Example 2, discontinuous function

For our second example we will look at a discontinuous function with zero contours that terminate in end points. We will use jax.numpy.where to add in the discontinuity, as a result we need to make sure forward_mode_differentiation is specified when we use the value_and_grad_wrapper.

%load_ext autoreload
%autoreload 2
import jax
import jax.numpy as jnp

jax.config.update("jax_enable_x64", True)

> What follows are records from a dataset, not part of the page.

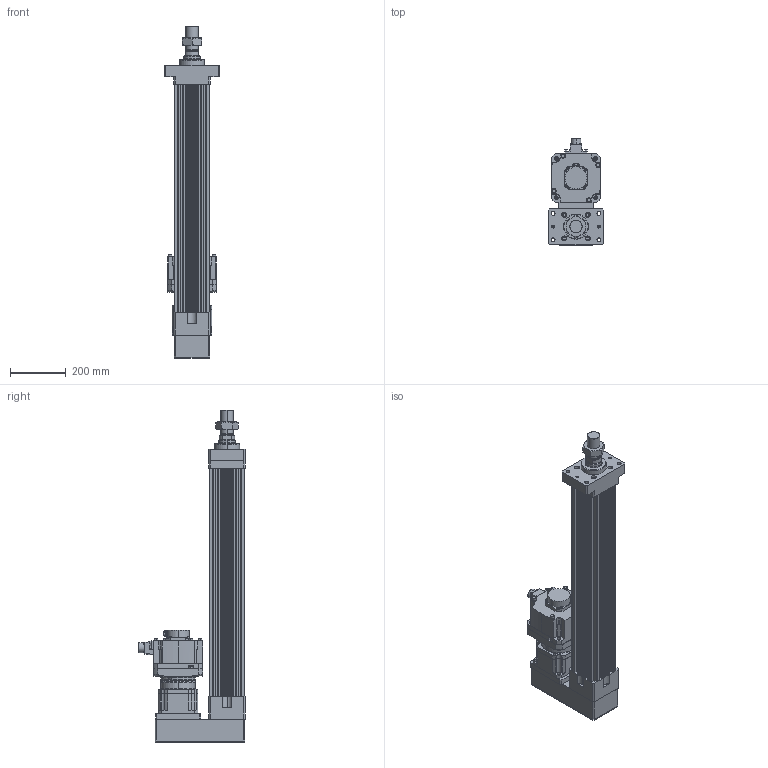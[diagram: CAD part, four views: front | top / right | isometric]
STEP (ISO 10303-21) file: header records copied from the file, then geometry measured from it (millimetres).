
FILE_DESCRIPTION (( 'STEP AP203' ), '1' );
FILE_NAME ('HES130FS(HS)-P600-W020G00-M-FMA.STEP', '2023-01-30T06:41:44', ( 'tms' ), ( '' ), 'SwSTEP 2.0', 'SolidWorks 2013', '' );
FILE_SCHEMA (( 'CONFIG_CONTROL_DESIGN' ));
Length unit declared in the file: millimetre
Products named in the file (9): AB142-003[HG-SR352]; HES130 ROD M ST600; HES130-P600-G142-FMA; M45X1.5P; AB1421; P0403500801; HG-SR202; P1301500001; HES130FS(HS)-P600-W020G00-M-FMA
Assembly tree (8 placements, depth 3):
  HES130FS(HS)-P600-W020G00-M-FMA
    HES130-P600-G142-FMA
    HES130 ROD M ST600
    M45X1.5P
    AB142-003[HG-SR352]
      AB1421
      P1301500001
      P0403500801
    HG-SR202
Bounding box: 200 x 381.85 x 1194 mm (x, y, z)
Volume: 15299048.9 mm3; surface area: 1838879.6 mm2
Topology: 4 solids, 18 shells, 1401 faces, 3660 edges, 2370 vertices
Faces by surface type: cylinder 643, plane 530, cone 146, bspline 76, torus 6
Entity records: 52014 total; most frequent: CARTESIAN_POINT 16222, DIRECTION 7460, ORIENTED_EDGE 7222, EDGE_CURVE 3633, AXIS2_PLACEMENT_3D 2825, VERTEX_POINT 2370, VECTOR 1810, LINE 1810

import matplotlib.pyplot as plt
import matplotlib.colors as colors

from jax_zero_contour import ZeroSolver
@jax.tree_util.Partial
def f(pos):
     # avoid r=0 so the grad is finite
    r = jnp.sqrt(jnp.sum(pos**2, axis=0) + 1e-15)
    theta = jnp.arctan2(pos[1], pos[0])
    z = jnp.sinc(r)
    return jnp.where(theta >= 0, z + 0.5, z)
n = 1024
x = jnp.linspace(-3, 3, n)
y = jnp.linspace(-3, 3, n)
X, Y = jnp.meshgrid(x, y)
z = f(jnp.stack([X, Y]))
plt.imshow(
    z,
    extent=(x.min(), x.max(), y.min(), y.max()),
    norm=colors.SymLogNorm(linthresh=0.1, vmin=-1, vmax=2),
    cmap='PuOr_r',
    origin='lower',
    interpolation='nearest'
)
plt.colorbar();
_images/9ba7401758445b78cc98beab33cb62edddcb367602f917419d7211a4d30c04dd.png

As expected, the zero contours are not closed loops in this case, but instead half circles.

Note

As we used jnp.where inside our function definition we will need to set forward_mode_differentiation to True to avoid NaN values of the gradient.

zs = ZeroSolver(forward_mode_differentiation=True)
init_guess = jnp.array([[0.0, -0.6], [0.0, -1.6], [0.0, -2.6]])
paths, stopping_reason = zs.zero_contour_finder(
    f,
    init_guess,
    delta=0.01,
    N=500
)
print(stopping_reason)
[[1 1]
 [1 1]
 [1 1]]

In all cases the zero finder terminated with [1, 1] indicating that it found an end point in both directions.

plt.figure(figsize=(12, 4))
plt.subplot(121)
plt.imshow(
    z,
    extent=(x.min(), x.max(), y.min(), y.max()),
    norm=colors.SymLogNorm(linthresh=0.1, vmin=-1, vmax=2),
    cmap='PuOr_r',
    origin='lower',
    interpolation='nearest'
)
plt.colorbar()
plt.plot(*paths['path'].T)
plt.plot(*init_guess[0], 'x', ms=10, color='C0')
plt.plot(*init_guess[1], 'x', ms=10, color='C1')
plt.plot(*init_guess[2], 'x', ms=10, color='C2')

plt.subplot(122)
plt.xlabel('path index')
plt.ylabel('function value on contour')
plt.plot(paths['value'].T);
_images/126dd15d0aedc39ff8853a53ff912bd2f09a000640a6eaf2b913ed636335a2ff.png

We can see that the contour end points are correctly identified in the face of a discontinuity in the function.